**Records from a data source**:
---+---
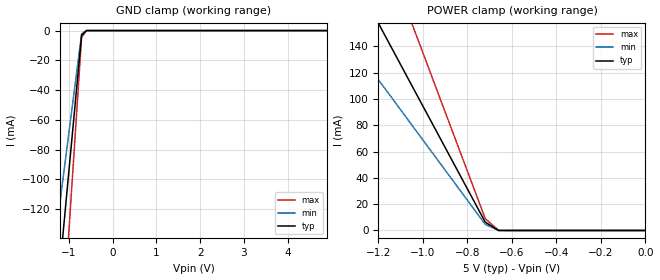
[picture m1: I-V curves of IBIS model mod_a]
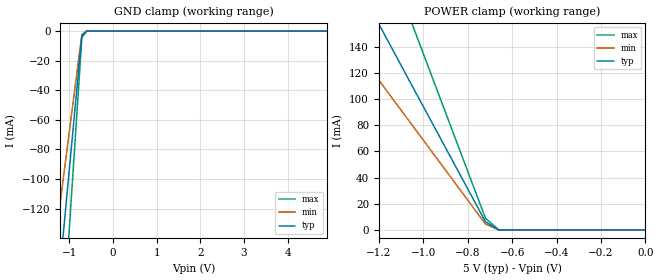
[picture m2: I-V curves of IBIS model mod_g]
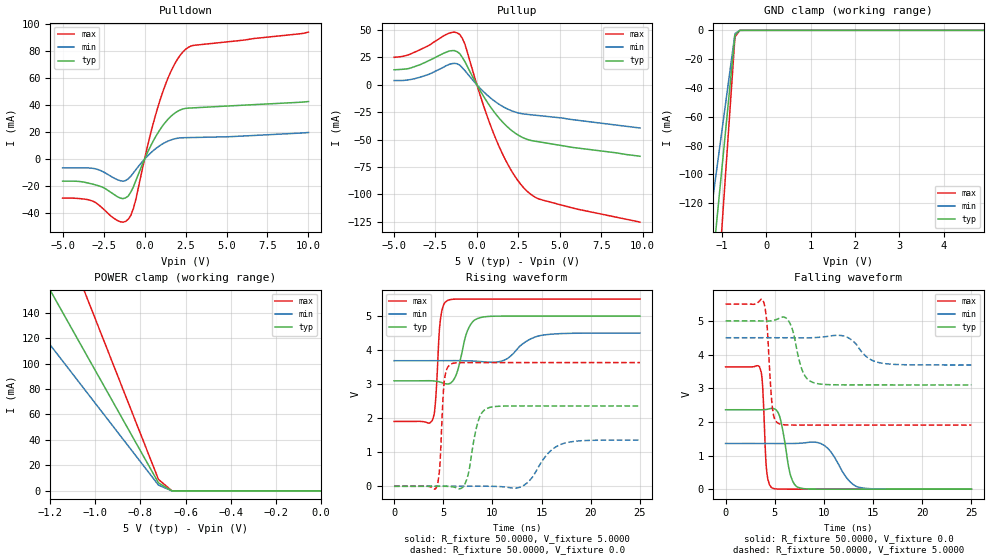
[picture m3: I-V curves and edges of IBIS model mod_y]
| IBIS (I/O, Buffer, Information, Specification) Model, officially
| electronic behavioral standard for Buffer structures of digital pins.
[IBIS ver]  4.0
[File name] 54hc138_5v0_rev1.ibs
[File Rev]  1.0
[Date]   27 Feb 2019
[Source]   CAD & Design Services (Catania) - STMicroelectronics
[Notes]
  (Note1) This IBIS model is the model of the product with package
   (Flat16 package elements);
  (Note2) This IBIS model is extracted with nominal 5.0V power supply
   (min:4.5V, typ:5.0V, max:5.5V);
  (Note3) This model has few Warnings about the non-monotonicity
   of I-V curves, but they are not indicative of problems
   inside the model;
[Disclaimer]
   Customers are solely responsible for all aspects of their
   own product designs or applications using this IBIS Model.
   STMicroelectronics assumes no liability for Custmer Designs
   and applications associated to this IBIS Model.
   In the use of this IBIS Model Customer shall not modify,
   disassemble, alter this Model in whole or in part.
   If Customers do not accept these terms, the IBIS Model
   may not be used. For any problems or modifications please
   contact STMicroelectronics (www.st.com).
[Copyright] (c) 2019 STMicroelectronics
|   Component 54HC138
[Component] 54HC138
[Manufacturer] STMicroelectronics
[Package]
| variable  typ   min   max
R_pkg   0.0   0.0   0.0
L_pkg   0.0H   0.0H   0.0H
C_pkg   0.0F   0.0F   0.0F
[Pin]  signal_name   model_name   R_pin   L_pin   C_pin
1   A   mod_a   87.8m   2.68nH   1.16pF
2   B   mod_a   53.6m   1.94nH   1.11pF
3   C   mod_a   34.1m   1.02nH   0.87pF
4   G2AN   mod_g   34.1m   1.02nH   0.87pF
5   G2BN   mod_g   34.1m   1.02nH   0.87pF
6   G1   mod_g   34.1m   1.02nH   0.87pF
7   Y7N   mod_y   53.6m   1.94nH   1.11pF
8   VSS   GND   87.8m   2.68nH   1.16pF
9   Y6N   mod_y   87.8m   2.68nH   1.16pF
10   Y5N   mod_y   53.6m   1.94nH   1.11pF
11   Y4N   mod_y   34.1m   1.02nH   0.87pF
12   Y3N   mod_y   34.1m   1.02nH   0.87pF
13   Y2N   mod_y   34.1m   1.02nH   0.87pF
14   Y1N   mod_y   34.1m   1.02nH   0.87pF
15   Y0N   mod_y   53.6m   1.94nH   1.11pF
16   VDD   POWER   87.8m   2.68nH   1.16pF
| Models and submodels in the file (3): mod_a (Input), mod_g (Input), mod_y (I/O)
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|   Model mod_a
[Model]   mod_a
Model_type  Input
Vinl   =   1.500V
Vinh   =   3.500V
C_comp   1.112pF   1.062pF   1.164pF
[Temperature Range]  25.0000   0.1250k   -55.0000
[Voltage Range]   5.0000V   4.5000V   5.5000V
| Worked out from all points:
|   GND clamp passes 1 mA (typ) near -0.63 V on its own axis
|   POWER clamp passes 1 mA (typ) near -0.67 V on its own axis
[GND_clamp]
|Voltage   I(typ)   I(min)   I(max)
-5V       -1.352A    -988.3mA   -1.933A
-1.37V    -210.9mA   -153.4mA   -301.2mA
-1.26V    -176.3mA   -128.3mA   -251.8mA
-1.15V    -141.7mA   -103.1mA   -202.3mA
-1.04V    -107mA     -77.87mA   -152.9mA
-930mV    -72.41mA   -52.68mA   -103.4mA
-710mV    -3.148mA   -2.29mA    -4.496mA
-600mV    -4.415uA   -5.303uA   -26.1uA
4.9V      7.144nA    7.624nA    8.792nA
[POWER_clamp]
|Voltage   I(typ)   I(min)   I(max)
-4.98V    1.347A     980.3mA    1.924A
-1.38V    214.1mA    155.7mA    305.7mA
-1.32V    195.2mA    142mA      278.7mA
-1.2V     157.4mA    114.5mA    224.8mA
-1.14V    138.5mA    100.8mA    197.8mA
-1.08V    119.6mA    87.03mA    170.8mA
-1.02V    100.7mA    73.29mA    143.9mA
-720mV    6.297mA    4.581mA    8.992mA
-660mV    1.654uA    640.4nA    66.12uA
0V        0A         0A         0A
|   Model mod_g
[Model]   mod_g
Model_type  Input
Vinl   =   1.500V
Vinh   =   3.500V
C_comp   0.925pF   0.883pF   0.968pF
[Temperature Range]  25.0000   0.1250k   -55.0000
[Voltage Range]   5.0000V   4.5000V   5.5000V
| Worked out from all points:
|   GND clamp passes 1 mA (typ) near -0.63 V on its own axis
|   POWER clamp passes 1 mA (typ) near -0.67 V on its own axis
[GND_clamp]
|Voltage   I(typ)   I(min)   I(max)
-5V       -1.352A    -988.3mA   -1.933A
-1.37V    -210.9mA   -153.4mA   -301.2mA
-1.26V    -176.3mA   -128.3mA   -251.8mA
-1.15V    -141.7mA   -103.1mA   -202.3mA
-1.04V    -107mA     -77.87mA   -152.9mA
-930mV    -72.41mA   -52.68mA   -103.4mA
-710mV    -3.148mA   -2.29mA    -4.496mA
-600mV    -4.415uA   -5.303uA   -26.1uA
4.9V      7.144nA    7.624nA    8.792nA
[POWER_clamp]
|Voltage   I(typ)   I(min)   I(max)
-4.98V    1.347A     980.3mA    1.924A
-1.38V    214.1mA    155.7mA    305.7mA
-1.32V    195.2mA    142mA      278.7mA
-1.2V     157.4mA    114.5mA    224.8mA
-1.14V    138.5mA    100.8mA    197.8mA
-1.08V    119.6mA    87.03mA    170.8mA
-1.02V    100.7mA    73.29mA    143.9mA
-720mV    6.297mA    4.581mA    8.992mA
-660mV    1.654uA    640.4nA    66.12uA
0V        0A         0A         0A
|   Model mod_y
[Model]   mod_y
Model_type I/O
Polarity   Non-Inverting
Vinl   =   1.500V
Vinh   =   3.500V
Vmeas  =   2.500V
Cref   =   50pF
C_comp   2.433pF   2.323pF   2.668pF
[Temperature Range]  25.0000   0.1250k   -55.0000
[Voltage Range]   5.0000V   4.5000V   5.5000V
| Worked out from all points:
|   slope of the pulldown table from 0 to 0.75 V, typ, clamps not added: 41.3 ohm
|   slope of the pullup table from 0 to 0.75 V, typ, clamps not added: 40.1 ohm
|   GND clamp passes 1 mA (typ) near -0.63 V on its own axis
|   POWER clamp passes 1 mA (typ) near -0.67 V on its own axis
|   rising waveform, R_fixture 50.0000, V_fixture 5.0000: 20-80 % time 999ps typ, 2.01ns min, 421ps max; typ from 3.1 V to 5 V
|   rising waveform, R_fixture 50.0000, V_fixture 0.0: 20-80 % time 900ps typ, 2.03ns min, 365ps max; typ from 0 V to 2.36 V
|   falling waveform, R_fixture 50.0000, V_fixture 0.0: 20-80 % time 826ps typ, 1.73ns min, 327ps max; typ from 2.36 V to 0 V
|   falling waveform, R_fixture 50.0000, V_fixture 5.0000: 20-80 % time 954ps typ, 1.57ns min, 452ps max; typ from 5 V to 3.1 V
[Pulldown]
|Voltage   I(typ)   I(min)   I(max)
-5V       -16.29mA   -6.393mA   -28.8mA
-3.24V    -18.23mA   -6.656mA   -30.69mA
-2.44V    -21.48mA   -9.875mA   -37.66mA
-1.64V    -27.88mA   -15.27mA   -45.52mA
-1.32V    -29.21mA   -16.31mA   -46.63mA
-1V       -27.39mA   -14.57mA   -44.52mA
-680mV    -20.51mA   -10.16mA   -36.49mA
280mV     7.467mA    3.521mA    14.58mA
1.08V     24.27mA    11.15mA    48.62mA
1.88V     34.37mA    15.18mA    71.36mA
2.68V     37.78mA    15.95mA    82.8mA
10V       42.63mA    19.74mA    94.02mA
[Pullup]
|Voltage   I(typ)   I(min)   I(max)
-5V       13.72mA    3.886mA    25.07mA
-3.44V    18.27mA    6.914mA    32mA
-1.68V    30.75mA    18.61mA    47.12mA
-1.04V    28.48mA    18.04mA    46.01mA
-720mV    21.01mA    12.89mA    36.98mA
400mV     -10.48mA   -6.279mA   -19.05mA
1.2V      -27.87mA   -16.35mA   -51.47mA
2V        -40.51mA   -23.12mA   -76.31mA
2.96V     -49.41mA   -26.87mA   -96.12mA
3.6V      -51.69mA   -27.88mA   -103.3mA
4.08V     -52.89mA   -28.64mA   -105.7mA
9.84V     -65.25mA   -39.43mA   -125.4mA
[GND_clamp]
|Voltage   I(typ)   I(min)   I(max)
-5V       -1.352A    -988.3mA   -1.933A
-1.37V    -210.9mA   -153.4mA   -301.2mA
-1.26V    -176.3mA   -128.3mA   -251.8mA
-1.15V    -141.7mA   -103.1mA   -202.3mA
-1.04V    -107mA     -77.87mA   -152.9mA
-930mV    -72.41mA   -52.68mA   -103.4mA
-710mV    -3.148mA   -2.29mA    -4.496mA
-600mV    -4.415uA   -5.303uA   -26.1uA
4.9V      7.144nA    7.624nA    8.792nA
[POWER_clamp]
|Voltage   I(typ)   I(min)   I(max)
-4.98V    1.347A     980.3mA    1.924A
-1.38V    214.1mA    155.7mA    305.7mA
-1.32V    195.2mA    142mA      278.7mA
-1.2V     157.4mA    114.5mA    224.8mA
-1.14V    138.5mA    100.8mA    197.8mA
-1.08V    119.6mA    87.03mA    170.8mA
-1.02V    100.7mA    73.29mA    143.9mA
-720mV    6.297mA    4.581mA    8.992mA
-660mV    1.654uA    640.4nA    66.12uA
0V        0A         0A         0A
[Ramp]
| variable   typ   min   max
dV/dt_r   1.4155/0.9977n   0.8146/2.1339n   2.1799/0.4424n
dV/dt_f   1.1414/1.0121n   0.4864/1.7261n   2.1568/0.5072n
R_load = 50.0000
[Rising Waveform]
R_fixture= 50.0000
V_fixture= 5.0000
V_fixture_min= 4.5000
V_fixture_max= 5.5000
|time   V(typ)   V(min)   V(max)
0s        3.098V     3.689V     1.905V
3.875ns   3.099V     3.689V     1.929V
4.225ns   3.089V     3.689V     2.532V
4.725ns   3.058V     3.69V      4.924V
5.425ns   3.004V     3.691V     5.456V
6.225ns   3.216V     3.691V     5.498V
7.425ns   4.54V      3.686V     5.5V
8.475ns   4.927V     3.672V     5.5V
15.15ns   5V         4.443V     5.5V
25ns      5V         4.5V       5.5V
[Rising Waveform]
R_fixture= 50.0000
V_fixture= 0.0
V_fixture_min= 0.0
V_fixture_max= 0.0
|time   V(typ)   V(min)   V(max)
0s        209.2pV    163.2pV    87.19pV
4.35ns    1.878mV    -51.02uV   -4.312mV
4.65ns    3.039mV    -75.04uV   589.3mV
5.1ns     2.372mV    -138.2uV   3.076V
5.95ns    -15.56mV   -6.381uV   3.611V
7.25ns    97.91mV    828.8uV    3.634V
9.45ns    2.288V     1.508mV    3.634V
13.2ns    2.36V      29.01mV    3.634V
17.4ns    2.36V      1.272V     3.634V
25ns      2.36V      1.357V     3.634V
[Falling Waveform]
R_fixture= 50.0000
V_fixture= 0.0
V_fixture_min= 0.0
V_fixture_max= 0.0
|time   V(typ)   V(min)   V(max)
0s        2.36V      1.358V     3.634V
3.45ns    2.359V     1.358V     3.636V
3.75ns    2.36V      1.357V     3.151V
4.2ns     2.371V     1.357V     490.7mV
4.725ns   2.401V     1.356V     38.66mV
5.5ns     2.163V     1.356V     2.121mV
7.4ns     52.62mV    1.362V     10.94uV
10.05ns   466.7uV    1.298V     10.47nV
13.5ns    4.665uV    59.25mV    -536.4pV
25ns      -59.62nV   16.98uV    -607.1pV
[Falling Waveform]
R_fixture= 50.0000
V_fixture= 5.0000
V_fixture_min= 4.5000
V_fixture_max= 5.5000
|time   V(typ)   V(min)   V(max)
0s        5V         4.5V       5.5V
3.875ns   4.997V     4.5V       5.562V
4.2ns     4.993V     4.5V       4.958V
4.775ns   5.01V      4.5V       2.386V
5.475ns   5.08V      4.5V       1.94V
6.55ns    4.927V     4.5V       1.907V
7.75ns    3.569V     4.497V     1.905V
8.9ns     3.17V      4.502V     1.905V
15.75ns   3.098V     3.751V     1.905V
25ns      3.098V     3.69V      1.905V
---+---
**Requirement**:
Wherever the word "Component" turns up in the records above, copy the line that holds it.

**Result for this task**:
|   Component 54HC138
[Component] 54HC138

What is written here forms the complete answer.